Worth seeing: | as a classy, low-budget London-based thriller, with almost no-one from the UK involved |
Director: | David Cronenberg |
Featuring: | Armin Mueller-Stahl, Naomi Watts, Viggo Mortensen, Vincent Cassel, Sinéad Cusack |
Length: | 101 minutes |
Certificate: | 18 |
Country: | Canada, UK, US |
Released: | 26th October 2007 |
WHAT’S IT ABOUT?
Anna (Naomi Watts) is a nurse at an east London hospital, when a heavily pregnant and badly wounded young girl is brought in.
The medics manage to save the baby, but not the girl. Anna searches through her possessions for clues to her identity and finds a diary, written in Russian.
Her Russian uncle translates the diary and points her in the direction of a restaurant where it appears the girl used to work.
There, Anna encounters the kindly – but not entirely trustworthy – proprietor Semyon (Armin Mueller-Stahl), his unhinged son Kirill (Vincent Cassel) and their chauffeur and all-round fixer Nikolai (Viggo Mortensen).
The stakes grow ever higher as Anna immerses herself in the Russian criminal underworld of London, in her attempt to get justice for the girl and provide a safe future for the baby.
WHAT’S IT LIKE?
On the surface, this seems to be a rather unusual choice of movie for David Cronenberg – a Canadian film-maker, directing an Australian (playing in Englishwoman) and a Frenchman, a German and a Danish-American (all playing Russians) in the London criminal underworld.

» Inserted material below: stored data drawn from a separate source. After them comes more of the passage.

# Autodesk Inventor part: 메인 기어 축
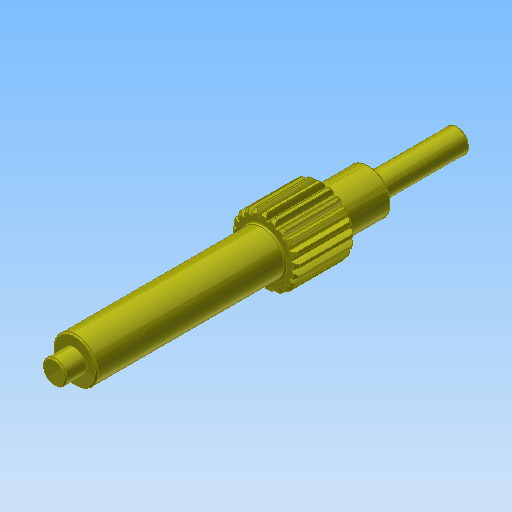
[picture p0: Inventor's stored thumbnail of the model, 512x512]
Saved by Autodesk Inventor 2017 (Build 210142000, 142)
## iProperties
Created: 2018-12
Part Number: 메인 기어 축
Material: 강철, 연강
Document SubType Name: Modeling
Designer: mduedu
Categories: <?xml version="1.0" encoding="UTF-16"?> <MemberInstance><Categories><FamilyTemplate><FamilyTemplateParameter ValueType="xs:double" Id="1" ObjectReferenceKey="da
Density: 1 g/cm^3
Appearance: 노란색
CustomPartVersion: 1
Author: mduedu
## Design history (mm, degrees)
sketch "Sketch1"
  geometry: C1 r 11.3 at (0, 0)
  constraints: 1 centre point
  dimensions: "d0" = 22.6 diameter of C1 (= da_da)
extrude "Extrusion1" new body sketch "Sketch1" distance "d1" = 20 (= da_b); taper "d2" = 0 deg
workplane "Work Plane2"
sketch "Sketch2"
  geometry: C1 r 11.3 at (0, 0) reference; C2 r 10.5 at (0, 0)
  constraints: 1 centre point, 1 coincident
  dimensions: "d3" = 21 diameter of C2 (= da_dw)
feature "피치 지름" sketch "Sketch2" dims "d4" = 10, "d5" = 0
workplane "Work Plane8"
workplane "Work Plane9"
chamfer "모따기1" distance "d49" = 1; stored, may be unused: second distance "d50" = 2, angle "d51" = 45 deg
sketch "스케치3"
  geometry: C1 r 7.5 at (0, 0); 1 further point
  constraints: 1 centre point, 1 coincident
  dimensions: "d52" = 15 diameter of C1
extrude "돌출2" join sketch "스케치3" distance "d53" = 64; taper "d54" = 0 deg
sketch "스케치4"
  geometry: C1 r 4 at (0, 0); 1 further point
  constraints: 1 centre point, 1 coincident
  dimensions: "d55" = 8 diameter of C1
extrude "돌출3" join sketch "스케치4" distance "d56" = 7; taper "d57" = 0 deg
sketch "스케치5"
  geometry: C1 r 7.5 at (0, 0) reference; C2 r 7.5 at (0, 0) reference; 1 further point
extrude "돌출4" join sketch "스케치5" distance "d58" = 16; taper "d59" = 0 deg
sketch "스케치6"
  geometry: C1 r 4 at (0, 0); 1 further point
  constraints: 1 centre point, 1 coincident
  dimensions: "d60" = 8 diameter of C1
extrude "돌출5" join sketch "스케치6" distance "d61" = 30; taper "d62" = 0 deg
chamfer "모따기2" distance "d63" = 0.5; stored, may be unused: second distance "d64" = 2, angle "d65" = 45 deg
fillet "모깎기1" dims "d66" = 0.5
feature "스퍼 기어" dims "d39" = 0, "da_b" = 20, "da_d" = 21, "da_aw" = 31, "da_da" = 22.6, "da_df" = 19.086, "da_dw" = 21, angle "da_beta" = 0 deg, "da_lefttooth" = 0, "da_righttooth" = 0
sketch "스케치7" dims "d67" = 18
  geometry: C1 r 0.25 at (0, -9); 2 further points
  constraints: 2 vertical alignment, 1 centre point, 1 coincident, 2 other
  dimensions: "d68" = 0.5 diameter of C1
extrude "돌출6" join sketch "스케치7" distance "d69" = 0.3; taper "d70" = 0 deg
body "Solid1"
body "Srf1"
node "투영된 루프1"
other parameters: "d16" = 31 (= da_aw), "d17" = 0, "d34" = 1.496 (computed from da_z), "d41" = 0, "d43" = 31 (= da_aw), "d46" = 31 (= da_aw), "d47" = 0, "d48" = 0

But the film actually works well as a companion piece for Cronenberg’s recent A History of Violence, which also starred Mortensen as a quiet man with a murky background.
This film, with its foreign criminals and put-upon eastern European immigrants in the seedier parts of London, covers some similar territory to Dirty Pretty Things, although it’s a rather more straight-forward narrative.
Cronenberg’s assured direction carries the plot at a calm pace, giving the characters time to develop and you can certainly feel the emotional crescendos approaching with dread.
The film will largely be remembered for some of its more violent moments, including one scene – featuring a nude knife-fight in a public bath-house – but it works as a strong drama too.
But once some of the double-dealing becomes evident, towards the end of the film, some of the characters start acting less coherently, and there are moments throughout when the plotting seems a little confused.
And a key problem is that the film’s not really clear who it’s about – it’s not about a battered Russian prostitute, as she dies too early on – it’s not really about the fixer, as everything that happens revolves around the nurse – but the nurse herself is largely an observer, even if she’s an interfering one. There’s not really anyone for the audience to latch on to.
It is, rather curiously, a classy low-budget London-based thriller, with pretty much no-one from London involved!